If "Dumas" is not actually affiliated directly with the resort, then you definitely need to be *very* careful and make *very* sure that a new deed gets prepared, recorded *and then formally accepted* by the resort before you hastily fork over 100% of $750.00 that you will surely never see again, while merely *hoping* that "Dumas" is legit. 

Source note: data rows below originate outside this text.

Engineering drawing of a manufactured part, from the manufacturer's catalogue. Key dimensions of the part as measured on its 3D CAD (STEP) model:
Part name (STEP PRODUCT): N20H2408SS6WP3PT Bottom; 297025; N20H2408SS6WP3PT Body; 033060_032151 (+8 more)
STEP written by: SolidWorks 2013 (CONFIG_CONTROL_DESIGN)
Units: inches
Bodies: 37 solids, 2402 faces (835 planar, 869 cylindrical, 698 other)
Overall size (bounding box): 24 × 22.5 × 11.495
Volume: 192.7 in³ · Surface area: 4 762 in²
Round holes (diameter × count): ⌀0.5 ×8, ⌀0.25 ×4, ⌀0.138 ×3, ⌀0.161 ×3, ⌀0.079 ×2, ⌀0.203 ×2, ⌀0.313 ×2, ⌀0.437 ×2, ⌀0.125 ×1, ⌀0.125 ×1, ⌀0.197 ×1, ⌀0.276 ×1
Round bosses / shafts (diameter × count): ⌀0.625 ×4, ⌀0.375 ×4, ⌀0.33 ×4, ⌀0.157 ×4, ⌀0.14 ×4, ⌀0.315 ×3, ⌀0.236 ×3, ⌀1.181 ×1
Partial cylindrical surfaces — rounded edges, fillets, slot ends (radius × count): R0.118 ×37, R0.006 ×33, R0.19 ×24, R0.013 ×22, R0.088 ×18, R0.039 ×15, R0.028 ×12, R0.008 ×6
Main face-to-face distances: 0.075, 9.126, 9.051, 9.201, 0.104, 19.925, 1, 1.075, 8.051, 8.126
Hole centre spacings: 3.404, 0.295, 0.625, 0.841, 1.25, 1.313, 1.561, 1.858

P.S. As already implied in post #2 above, you might be able to find a willing recipient for this timeshare by offering it for free (but with much more specific details about unit size, maintenance fees, etc.) in the "Bargain Deals" section here on TUG. Even if you had to pay the closing costs and any applicable transfer fee yourself, it _*might*_ very well cost you less than $750 out of pocket to relinquish that ownership to a new, legitimate and willing recipient.


----------



## dominidude

If you were to post this for sale on ebay for $1, with a $500 gift card upon successful transfer, I'd be SHOCKED if it didn't "sell".


----------



## Millisara

Wow. that is a thought but who would you suggest pay all the transfer costs. and generally how much is that


----------



## tschwa2

You would need to double check with the resort to see how much they charge.

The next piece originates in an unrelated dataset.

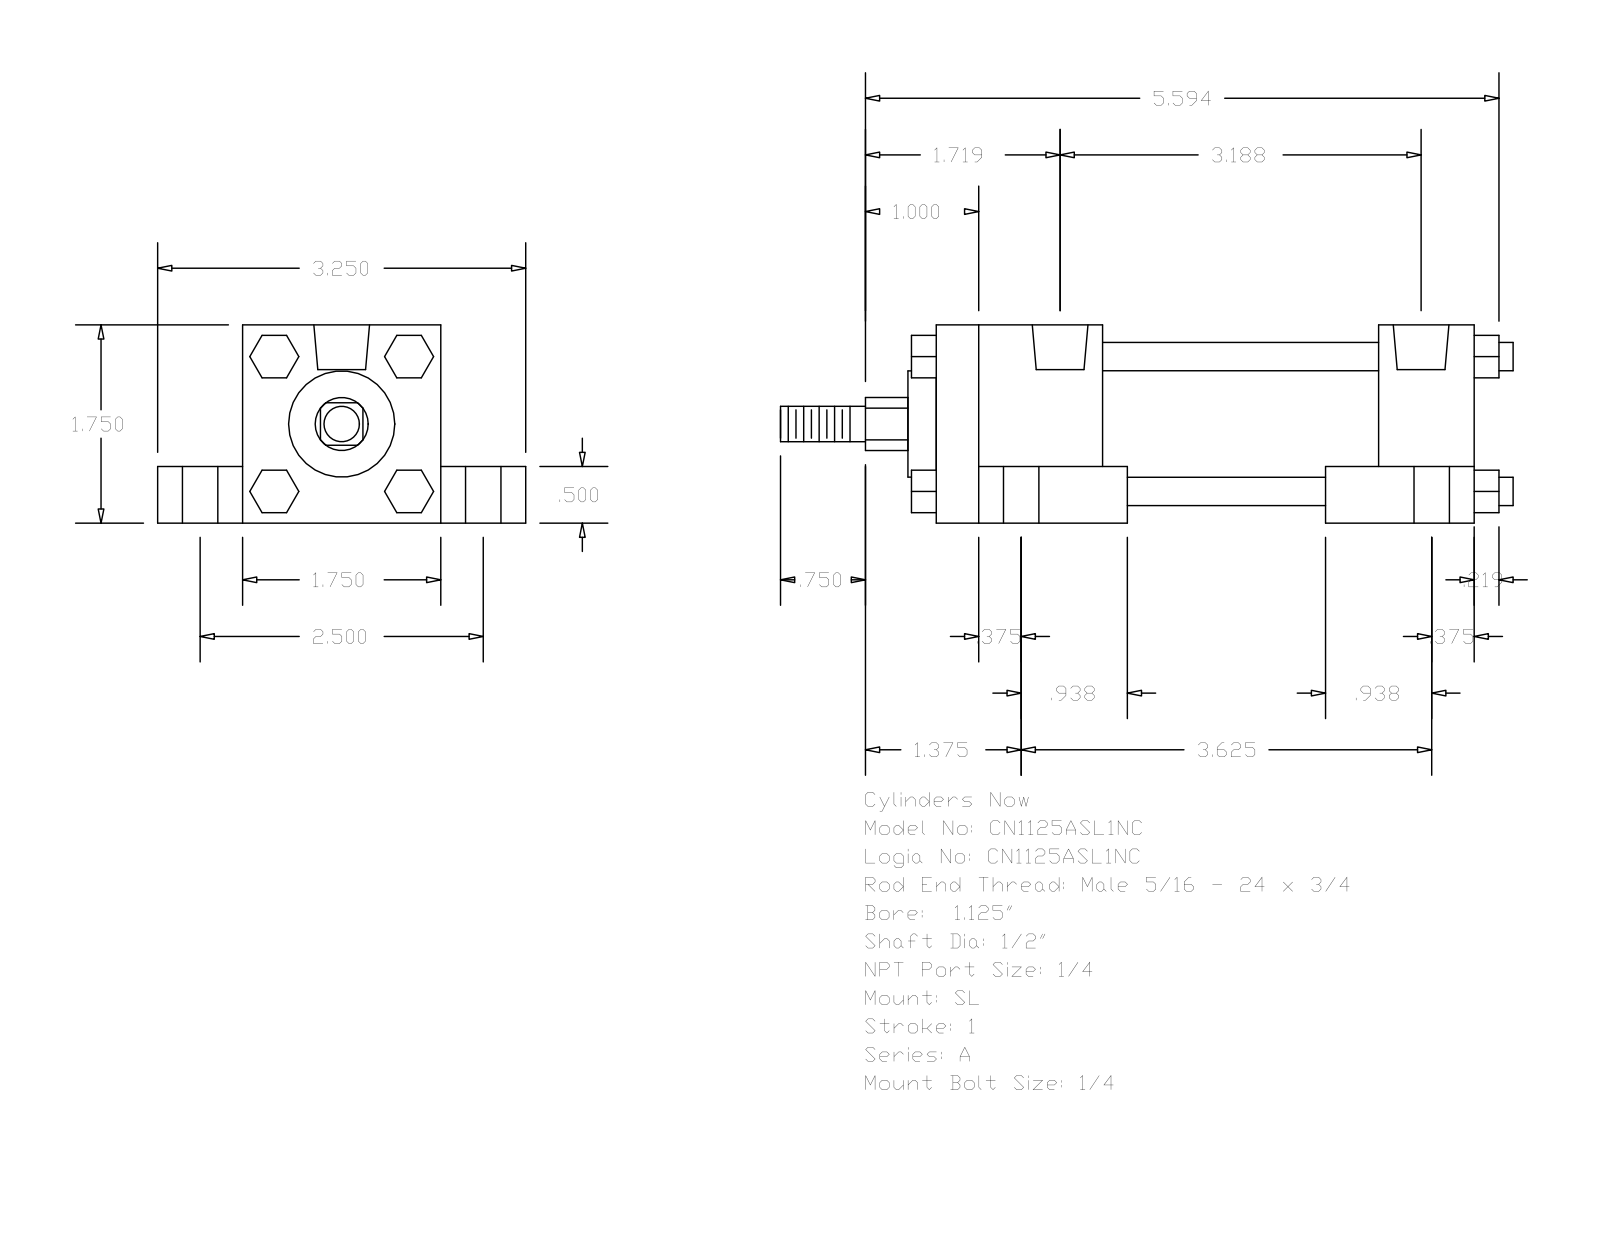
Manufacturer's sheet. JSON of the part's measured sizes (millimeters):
{"part_name": "A_SL__0112_0.5", "step_written_by": "GSSL Pune (CONFIG_CONTROL_DESIGN)", "units": "millimeters", "bodies": {"solids": 0, "faces": 150, "planar": 114, "cylindrical": 36, "other": 0}, "overall_size": [164.31, 82.55, 44.45], "round_holes": [[5.56, 4], [7.94, 4], [14.29, 4], [12.49, 2]], "round_bosses_or_shafts": [[6.35, 4], [31.88, 1], [23.81, 1], [12.7, 1], [7.94, 1]], "partial_cylinders_radius": [[5.94, 1]], "face_to_face_distances": [44.46, 31.76, 12.7, 19.04, 63.5, 120.65, 99.21, 21.44, 37.3, 61.91], "hole_center_spacings": [31.84, 32, 32.93, 33.39, 63.5, 77.79, 87.71, 89.18]}

In terms of preparing and recording a deed and completing resort transfer paperwork, LT transfers could do it for less than $200 or if you are feeling particularly get up and go about it you could do it yourself for less than $40.  

Make sure if you are offering an incentive like a prepaid  Visa card you specify that the taker doesn't get it before the resort acknowledges the transfer to the new owners name.  You can specify in the contract that you will send it to LT upon starting the paperwork but that they would hold it until the transfer is complete.


----------



## dominidude

My understanding is that Williamsburg plantation does not have an "ownership transfer fee" or similar fee. But, do call them to double check.

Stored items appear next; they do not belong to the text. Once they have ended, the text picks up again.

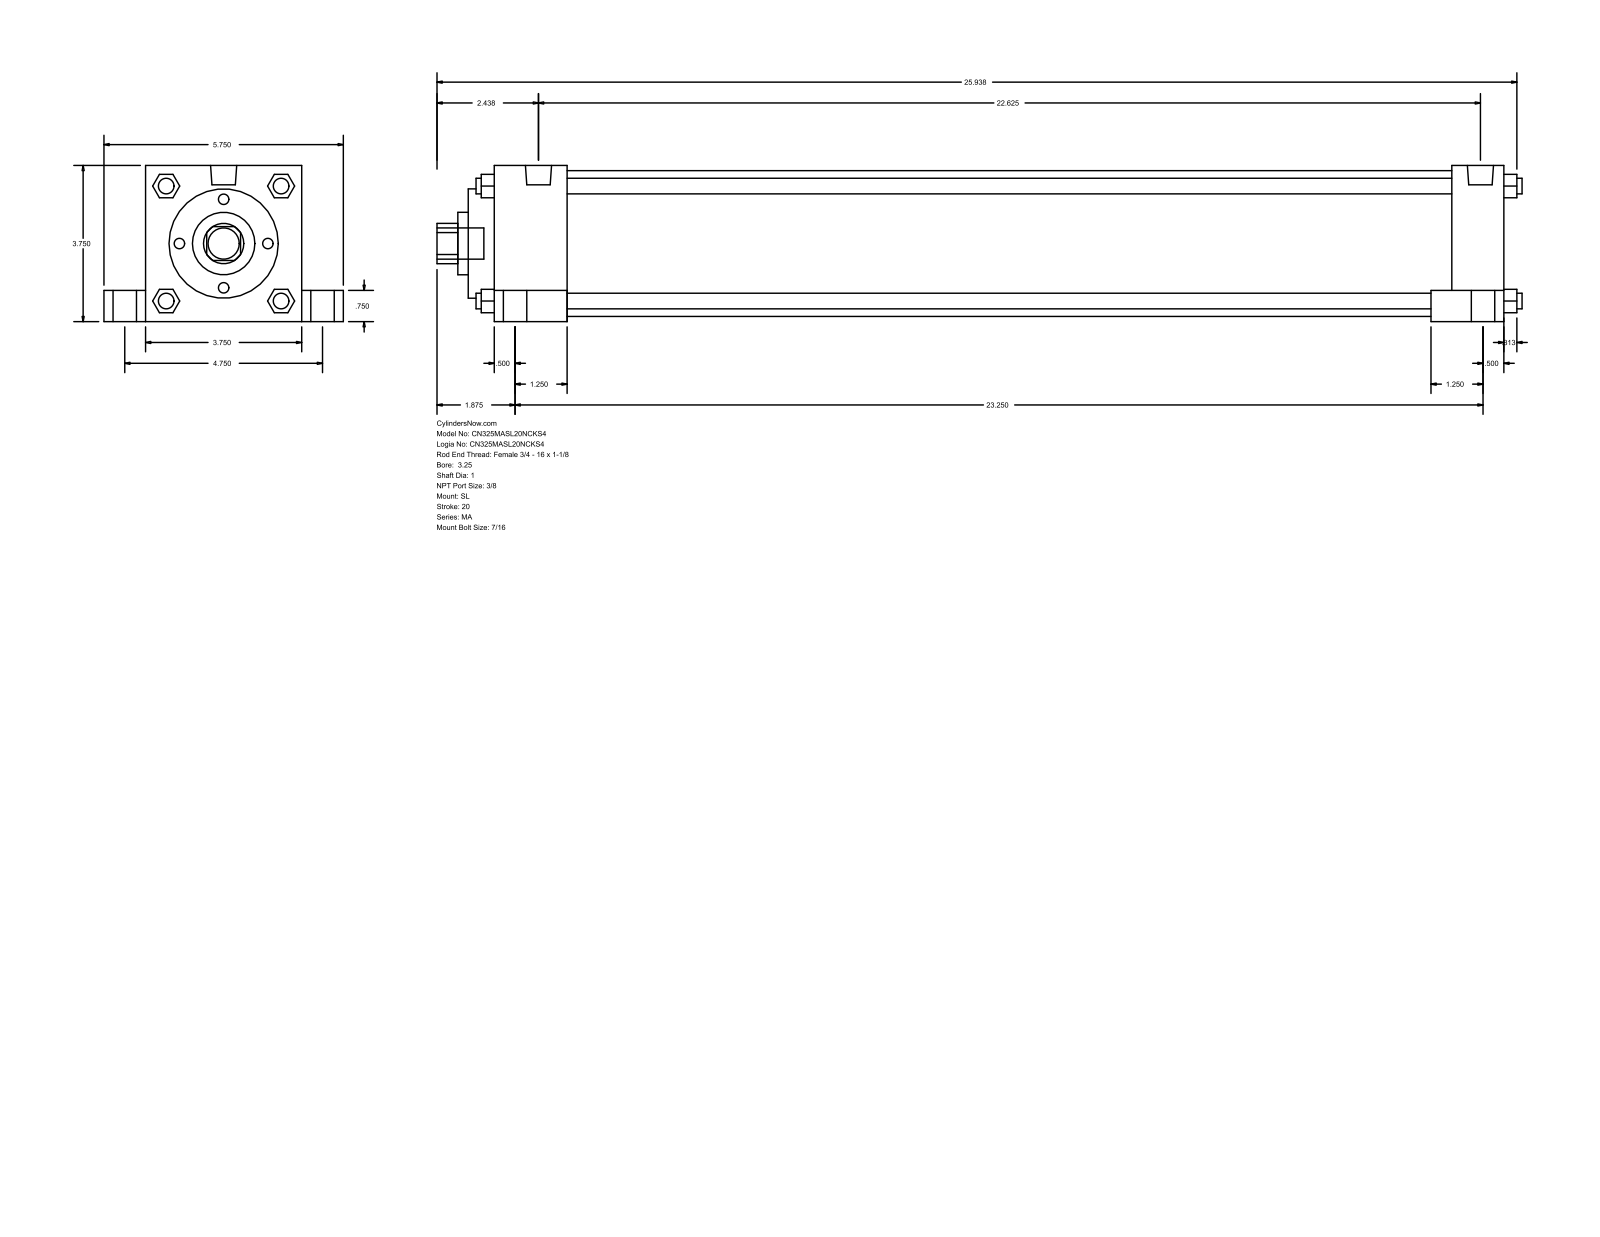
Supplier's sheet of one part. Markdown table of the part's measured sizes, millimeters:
| quantity | value |
| --- | --- |
| part name | MA_SL__0325_1 |
| STEP written by | GSSL Pune (CONFIG_CONTROL_DESIGN) |
| units | millimeters |
| bodies | 0 solids, 150 faces (113 planar, 37 cylindrical, 0 other) |
| overall size | 661.99 × 146.05 × 95.25 |
| round holes (diameter × count) | 25.4 × 1, 38.1 × 1, 66.67 × 1, 88.9 × 1 |
| round bosses / shafts (diameter × count) | 20.64 × 4, 14.29 × 4, 11.11 × 4, 9.53 × 4, 15.93 × 2, 19.05 × 1 |
| partial cylindrical surfaces (radius × count) | 12.29 × 1 |
| main face-to-face distances | 95.24, 615.96, 15.87, 25.41, 120.65, 19.05, 584.2, 31.76, 44.46, 539.74 |

Transfer costs are minimal as already explained by tschwa2.

I suggest trying to "sell" on your own on ebay, or trying to give it away in our "bargains" section, because you would be likely be dealing with a real person who wants your timeshare, not someone who wants to steal your cash.

Williamsburg plantation asks for a copy of the drivers license and SS# of the new owner before recognizing that new owner.

That is how the resort mitigates dealing with "viking ships" (google it). You also need to be aware of those, as the resort may come after you if the transfer is deemed improper somehow.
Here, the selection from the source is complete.